I'm required to find the recurrence relation linking $k(z+1)$ and $k(z)$ and to then evaluate $k(z)$ for one specific integer value and thus find $k(z)$ for any real, integer value. My attempt was as follows.
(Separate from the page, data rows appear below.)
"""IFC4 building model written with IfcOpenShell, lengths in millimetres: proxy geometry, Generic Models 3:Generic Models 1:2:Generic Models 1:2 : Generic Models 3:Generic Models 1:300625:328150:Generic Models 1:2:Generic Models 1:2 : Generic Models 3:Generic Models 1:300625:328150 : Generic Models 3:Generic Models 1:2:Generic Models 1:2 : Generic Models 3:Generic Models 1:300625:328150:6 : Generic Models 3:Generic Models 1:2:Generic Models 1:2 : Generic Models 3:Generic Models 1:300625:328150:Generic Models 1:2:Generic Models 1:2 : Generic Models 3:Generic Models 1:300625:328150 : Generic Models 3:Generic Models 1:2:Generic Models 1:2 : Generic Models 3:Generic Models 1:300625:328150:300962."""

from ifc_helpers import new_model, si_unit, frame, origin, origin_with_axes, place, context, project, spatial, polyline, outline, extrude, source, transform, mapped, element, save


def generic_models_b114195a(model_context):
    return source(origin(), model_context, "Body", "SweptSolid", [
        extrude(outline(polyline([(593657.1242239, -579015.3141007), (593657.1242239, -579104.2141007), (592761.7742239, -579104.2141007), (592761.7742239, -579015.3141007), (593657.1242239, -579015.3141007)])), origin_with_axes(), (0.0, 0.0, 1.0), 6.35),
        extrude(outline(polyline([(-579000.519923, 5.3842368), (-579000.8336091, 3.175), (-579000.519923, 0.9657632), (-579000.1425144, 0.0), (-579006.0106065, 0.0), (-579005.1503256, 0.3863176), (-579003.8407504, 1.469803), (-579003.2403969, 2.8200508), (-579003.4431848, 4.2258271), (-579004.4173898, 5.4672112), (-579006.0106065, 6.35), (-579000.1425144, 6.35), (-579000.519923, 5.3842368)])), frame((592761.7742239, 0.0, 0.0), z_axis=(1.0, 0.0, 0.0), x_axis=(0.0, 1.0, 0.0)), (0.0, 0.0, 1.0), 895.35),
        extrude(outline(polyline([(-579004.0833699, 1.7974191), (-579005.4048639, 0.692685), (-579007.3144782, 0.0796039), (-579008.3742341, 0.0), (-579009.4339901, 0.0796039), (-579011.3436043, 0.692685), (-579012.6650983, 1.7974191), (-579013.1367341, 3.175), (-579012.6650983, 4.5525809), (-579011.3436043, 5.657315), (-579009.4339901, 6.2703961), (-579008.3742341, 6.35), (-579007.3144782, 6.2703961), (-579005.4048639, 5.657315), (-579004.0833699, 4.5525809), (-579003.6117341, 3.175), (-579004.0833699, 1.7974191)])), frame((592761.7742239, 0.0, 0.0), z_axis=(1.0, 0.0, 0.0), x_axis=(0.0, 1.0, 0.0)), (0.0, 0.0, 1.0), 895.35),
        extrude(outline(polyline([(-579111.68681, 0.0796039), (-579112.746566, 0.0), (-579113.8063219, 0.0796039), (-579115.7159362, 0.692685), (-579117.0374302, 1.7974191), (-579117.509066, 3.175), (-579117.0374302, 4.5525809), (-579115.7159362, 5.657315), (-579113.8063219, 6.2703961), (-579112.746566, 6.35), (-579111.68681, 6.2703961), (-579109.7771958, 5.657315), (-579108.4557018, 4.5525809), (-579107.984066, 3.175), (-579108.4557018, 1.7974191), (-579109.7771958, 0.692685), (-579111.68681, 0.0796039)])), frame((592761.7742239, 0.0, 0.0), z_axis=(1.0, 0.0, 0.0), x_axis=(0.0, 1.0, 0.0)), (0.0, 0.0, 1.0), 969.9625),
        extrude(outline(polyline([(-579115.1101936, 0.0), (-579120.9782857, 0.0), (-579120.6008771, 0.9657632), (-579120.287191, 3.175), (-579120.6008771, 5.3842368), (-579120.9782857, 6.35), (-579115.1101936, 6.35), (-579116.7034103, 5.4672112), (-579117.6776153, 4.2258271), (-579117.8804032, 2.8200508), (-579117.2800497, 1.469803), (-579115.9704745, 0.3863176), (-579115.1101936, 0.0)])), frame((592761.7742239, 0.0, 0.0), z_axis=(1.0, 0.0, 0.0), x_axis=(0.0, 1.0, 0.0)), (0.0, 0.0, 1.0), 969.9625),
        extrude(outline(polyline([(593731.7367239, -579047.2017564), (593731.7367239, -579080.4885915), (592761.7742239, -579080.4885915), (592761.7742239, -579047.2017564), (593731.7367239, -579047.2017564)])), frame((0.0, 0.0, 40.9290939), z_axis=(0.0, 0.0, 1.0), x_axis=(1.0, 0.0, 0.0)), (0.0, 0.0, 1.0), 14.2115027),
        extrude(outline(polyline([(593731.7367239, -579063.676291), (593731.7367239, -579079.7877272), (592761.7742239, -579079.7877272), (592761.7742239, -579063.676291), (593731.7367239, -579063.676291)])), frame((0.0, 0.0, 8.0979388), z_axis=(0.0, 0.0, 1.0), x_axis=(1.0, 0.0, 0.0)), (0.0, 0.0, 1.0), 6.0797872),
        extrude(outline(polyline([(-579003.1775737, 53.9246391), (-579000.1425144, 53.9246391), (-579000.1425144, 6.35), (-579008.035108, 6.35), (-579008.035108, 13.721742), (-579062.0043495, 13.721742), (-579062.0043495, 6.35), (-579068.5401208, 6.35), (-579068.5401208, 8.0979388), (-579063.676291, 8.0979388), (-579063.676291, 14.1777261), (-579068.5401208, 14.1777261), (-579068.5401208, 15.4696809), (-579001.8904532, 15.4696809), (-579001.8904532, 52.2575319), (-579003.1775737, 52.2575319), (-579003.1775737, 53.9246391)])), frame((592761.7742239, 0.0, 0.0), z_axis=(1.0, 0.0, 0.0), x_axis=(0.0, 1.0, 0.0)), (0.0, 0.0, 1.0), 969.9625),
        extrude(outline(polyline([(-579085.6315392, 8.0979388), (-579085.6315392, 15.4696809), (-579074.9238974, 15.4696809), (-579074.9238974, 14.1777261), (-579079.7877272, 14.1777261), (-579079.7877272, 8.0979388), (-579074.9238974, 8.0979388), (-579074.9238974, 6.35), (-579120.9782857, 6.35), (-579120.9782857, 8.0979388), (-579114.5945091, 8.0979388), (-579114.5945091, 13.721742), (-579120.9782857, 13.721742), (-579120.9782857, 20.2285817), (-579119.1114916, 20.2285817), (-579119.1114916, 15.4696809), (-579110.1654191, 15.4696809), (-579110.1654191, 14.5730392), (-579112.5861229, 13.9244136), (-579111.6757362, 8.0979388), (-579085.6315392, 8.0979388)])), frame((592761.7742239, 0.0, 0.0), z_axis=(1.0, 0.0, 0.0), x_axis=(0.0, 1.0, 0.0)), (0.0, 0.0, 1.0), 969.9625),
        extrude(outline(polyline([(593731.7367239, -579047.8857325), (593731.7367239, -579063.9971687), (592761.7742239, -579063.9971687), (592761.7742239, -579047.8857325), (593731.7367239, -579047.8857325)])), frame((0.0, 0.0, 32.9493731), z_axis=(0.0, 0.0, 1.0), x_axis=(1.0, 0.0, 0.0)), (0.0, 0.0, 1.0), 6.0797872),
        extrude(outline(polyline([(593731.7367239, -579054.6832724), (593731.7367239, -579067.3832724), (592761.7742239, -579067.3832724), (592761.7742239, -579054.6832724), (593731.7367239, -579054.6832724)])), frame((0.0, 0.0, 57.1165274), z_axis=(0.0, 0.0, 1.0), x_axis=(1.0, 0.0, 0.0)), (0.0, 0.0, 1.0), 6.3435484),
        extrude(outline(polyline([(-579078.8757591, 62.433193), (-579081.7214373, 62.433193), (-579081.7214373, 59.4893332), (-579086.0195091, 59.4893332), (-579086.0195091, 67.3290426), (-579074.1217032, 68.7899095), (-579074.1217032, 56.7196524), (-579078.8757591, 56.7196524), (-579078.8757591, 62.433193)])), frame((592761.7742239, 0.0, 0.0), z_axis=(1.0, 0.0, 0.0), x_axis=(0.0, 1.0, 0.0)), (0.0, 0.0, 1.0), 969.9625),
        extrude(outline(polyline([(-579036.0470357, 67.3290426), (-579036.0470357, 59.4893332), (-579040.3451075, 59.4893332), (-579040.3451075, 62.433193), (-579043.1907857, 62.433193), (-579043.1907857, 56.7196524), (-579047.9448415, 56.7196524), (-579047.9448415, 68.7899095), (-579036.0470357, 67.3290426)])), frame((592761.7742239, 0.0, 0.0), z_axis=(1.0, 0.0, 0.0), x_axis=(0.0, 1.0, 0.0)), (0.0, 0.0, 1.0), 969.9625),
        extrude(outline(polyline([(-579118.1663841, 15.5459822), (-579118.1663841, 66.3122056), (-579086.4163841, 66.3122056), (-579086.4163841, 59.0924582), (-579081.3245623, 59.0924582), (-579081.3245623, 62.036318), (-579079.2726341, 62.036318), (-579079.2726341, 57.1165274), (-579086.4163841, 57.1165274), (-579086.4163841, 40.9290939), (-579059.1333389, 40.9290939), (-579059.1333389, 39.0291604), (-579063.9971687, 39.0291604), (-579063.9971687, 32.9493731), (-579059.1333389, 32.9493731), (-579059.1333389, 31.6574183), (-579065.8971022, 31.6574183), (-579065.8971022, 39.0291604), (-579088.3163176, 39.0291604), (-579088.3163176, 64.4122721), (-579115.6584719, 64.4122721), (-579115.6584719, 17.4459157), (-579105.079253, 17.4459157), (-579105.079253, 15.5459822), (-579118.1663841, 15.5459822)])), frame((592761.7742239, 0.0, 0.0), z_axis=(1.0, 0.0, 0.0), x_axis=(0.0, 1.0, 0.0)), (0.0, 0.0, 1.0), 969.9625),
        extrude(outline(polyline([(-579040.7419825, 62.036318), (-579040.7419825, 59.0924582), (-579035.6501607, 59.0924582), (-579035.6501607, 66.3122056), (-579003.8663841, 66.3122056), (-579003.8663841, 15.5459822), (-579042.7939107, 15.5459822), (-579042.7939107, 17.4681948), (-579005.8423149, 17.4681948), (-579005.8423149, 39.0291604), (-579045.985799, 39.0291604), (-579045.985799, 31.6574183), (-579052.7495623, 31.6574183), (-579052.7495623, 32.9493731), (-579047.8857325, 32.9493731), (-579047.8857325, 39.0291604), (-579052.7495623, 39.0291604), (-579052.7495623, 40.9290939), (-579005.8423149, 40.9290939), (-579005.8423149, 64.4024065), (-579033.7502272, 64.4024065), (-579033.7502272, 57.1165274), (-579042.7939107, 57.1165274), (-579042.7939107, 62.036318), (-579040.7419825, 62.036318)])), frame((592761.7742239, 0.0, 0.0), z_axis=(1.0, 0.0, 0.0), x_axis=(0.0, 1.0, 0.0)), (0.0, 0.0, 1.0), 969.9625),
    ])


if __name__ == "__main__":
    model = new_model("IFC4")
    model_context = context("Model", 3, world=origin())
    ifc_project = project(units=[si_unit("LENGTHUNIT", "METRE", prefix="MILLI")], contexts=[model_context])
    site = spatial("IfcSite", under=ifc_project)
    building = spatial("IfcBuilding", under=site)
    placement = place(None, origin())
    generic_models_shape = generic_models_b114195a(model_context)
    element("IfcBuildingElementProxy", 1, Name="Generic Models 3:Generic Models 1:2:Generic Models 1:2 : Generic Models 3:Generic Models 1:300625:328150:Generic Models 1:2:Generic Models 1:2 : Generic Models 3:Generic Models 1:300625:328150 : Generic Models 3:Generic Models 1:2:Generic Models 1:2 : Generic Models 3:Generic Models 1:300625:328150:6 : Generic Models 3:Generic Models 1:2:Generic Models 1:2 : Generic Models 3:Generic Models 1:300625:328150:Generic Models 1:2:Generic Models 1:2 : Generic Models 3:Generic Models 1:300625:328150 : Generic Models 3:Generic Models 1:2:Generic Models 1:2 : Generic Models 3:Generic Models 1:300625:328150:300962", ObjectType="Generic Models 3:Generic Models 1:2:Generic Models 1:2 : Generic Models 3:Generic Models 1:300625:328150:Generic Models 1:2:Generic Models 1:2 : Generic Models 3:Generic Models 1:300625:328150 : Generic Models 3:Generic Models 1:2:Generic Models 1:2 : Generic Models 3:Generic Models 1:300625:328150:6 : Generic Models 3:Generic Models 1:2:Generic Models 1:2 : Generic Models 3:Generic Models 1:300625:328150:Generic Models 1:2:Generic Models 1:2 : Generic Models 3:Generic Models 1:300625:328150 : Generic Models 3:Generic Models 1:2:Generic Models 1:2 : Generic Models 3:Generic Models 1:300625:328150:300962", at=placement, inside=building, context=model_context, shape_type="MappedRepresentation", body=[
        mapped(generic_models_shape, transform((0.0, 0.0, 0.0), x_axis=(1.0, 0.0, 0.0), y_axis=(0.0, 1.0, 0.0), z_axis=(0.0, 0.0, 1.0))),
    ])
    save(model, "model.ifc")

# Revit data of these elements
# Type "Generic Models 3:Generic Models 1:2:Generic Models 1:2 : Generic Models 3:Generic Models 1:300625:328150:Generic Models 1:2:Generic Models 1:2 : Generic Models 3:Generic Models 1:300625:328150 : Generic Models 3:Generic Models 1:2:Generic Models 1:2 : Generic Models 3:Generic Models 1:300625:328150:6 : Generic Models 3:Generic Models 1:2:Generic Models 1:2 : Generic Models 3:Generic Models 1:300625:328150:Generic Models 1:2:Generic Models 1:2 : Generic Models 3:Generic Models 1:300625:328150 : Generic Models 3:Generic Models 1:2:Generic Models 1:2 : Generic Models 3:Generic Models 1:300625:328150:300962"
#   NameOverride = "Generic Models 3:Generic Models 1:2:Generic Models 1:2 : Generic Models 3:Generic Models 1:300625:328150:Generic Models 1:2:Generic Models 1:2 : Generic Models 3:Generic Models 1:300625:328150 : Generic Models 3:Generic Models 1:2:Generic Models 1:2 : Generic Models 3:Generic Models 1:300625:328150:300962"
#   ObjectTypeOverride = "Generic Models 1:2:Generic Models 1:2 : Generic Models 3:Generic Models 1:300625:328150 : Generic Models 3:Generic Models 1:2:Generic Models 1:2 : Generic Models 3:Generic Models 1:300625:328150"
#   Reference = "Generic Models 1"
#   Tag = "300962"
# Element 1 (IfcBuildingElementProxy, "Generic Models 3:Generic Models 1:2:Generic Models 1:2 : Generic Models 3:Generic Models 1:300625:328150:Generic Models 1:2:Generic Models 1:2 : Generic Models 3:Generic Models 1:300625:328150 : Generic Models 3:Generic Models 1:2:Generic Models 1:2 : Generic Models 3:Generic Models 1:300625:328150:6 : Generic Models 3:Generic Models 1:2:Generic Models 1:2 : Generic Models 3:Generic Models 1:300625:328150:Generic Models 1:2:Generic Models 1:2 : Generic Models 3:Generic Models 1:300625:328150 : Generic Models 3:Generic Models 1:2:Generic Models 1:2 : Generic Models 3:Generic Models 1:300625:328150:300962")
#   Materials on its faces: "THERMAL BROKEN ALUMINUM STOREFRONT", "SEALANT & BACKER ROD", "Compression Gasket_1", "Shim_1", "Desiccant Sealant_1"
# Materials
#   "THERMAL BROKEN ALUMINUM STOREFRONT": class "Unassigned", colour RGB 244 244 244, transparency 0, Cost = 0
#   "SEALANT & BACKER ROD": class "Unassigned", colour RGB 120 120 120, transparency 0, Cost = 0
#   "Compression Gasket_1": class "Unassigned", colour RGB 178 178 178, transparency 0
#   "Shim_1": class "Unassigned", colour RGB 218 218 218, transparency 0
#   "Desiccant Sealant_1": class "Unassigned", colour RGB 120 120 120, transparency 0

Note that $\Gamma(s+1)=s\Gamma(s)$ and so

\begin{align*} k(z+1)&=\Gamma\left(\frac{1}{2}+z+1\right)\Gamma\left(\frac{1}{2}-z+1\right)\cos{(\pi z + \pi)} \\ &=\left(\frac{1}{2}+z\right)\Gamma\left(\frac{1}{2}+z\right)\left(\frac{1}{2}-z\right)\Gamma\left(\frac{1}{2}-z\right)\cos{(\pi z + \pi)} \end{align*}

Then since $\cos{(\pi z + \pi)}=-\cos{\pi z}$ we have that

$$k(z+1)=\left(z^2-\frac{1}{4}\right)k(z)$$

If we then consider the case $z=0$, we have

$$k(0)=\Gamma\left(\frac{1}{2}\right)\Gamma\left(\frac{1}{2}\right)=\pi$$

From this we see that

\begin{align*} &k(1)=-\frac{1}{4}\pi\\ &k(2)=-\frac{3}{16}\pi\\ &k(3)=-\frac{45}{64}\pi\\ &\vdots \end{align*}

I can't spot any pattern here other than the $4^z$ in the denominator which is making me think i've done something wrong, maybe in my use of $\Gamma(s+1)=s\Gamma(s)$? Any advice would be really appreciated.

Answer 1

You made a sign error. \begin{align} \frac{k(n+1)}{k(n)} &=\frac{\Gamma\left(\frac{1}{2}+n+1\right)\Gamma\left(\frac{1}{2}-n\color{red}{-1}\right)(-\cos(\pi n))}{\Gamma\left(\frac{1}{2}+n\right)\Gamma\left(\frac{1}{2}-n\right)\cos(\pi n)}\\ &=\frac{\left(\frac{1}{2}+n\right)\Gamma\left(\frac{1}{2}+n\right)\frac{\Gamma\left(\frac{1}{2}-n\right)}{\left(\frac{1}{2}-n-1\right)}(-1)}{\Gamma\left(\frac{1}{2}+n\right)\Gamma\left(\frac{1}{2}-n\right)}\\ &=-\frac{\frac{1}{2}+n}{-\frac{1}{2}-n}\\ &=1 \end{align} Hence $k(n)=k(0)=\pi$.

Answer 2

Note that using the identity you've developed, $$ \begin{align} k(n) &=k(0)\prod_{j=0}^{n-1}\left(j^2-\frac14\right)\\ &=\frac\pi{4^n}\prod_{j=0}^{n-1}(2j-1)(2j+1)\\ &=\frac\pi{4^n}(-1\cdot1)(1\cdot3)(3\cdot5)\cdots\big((2n-3)\cdot(2n-1)\big)\\ &=\frac\pi{4^n}\frac{-1}{2n-1}(1\cdot3\cdot5\cdots(2n-1))^2\\ &=\frac\pi{4^n}\frac{-1}{2n-1}\left(\frac{(2n)!}{2^nn!}\right)^2 \end{align} $$ This matches the sequence you've listed.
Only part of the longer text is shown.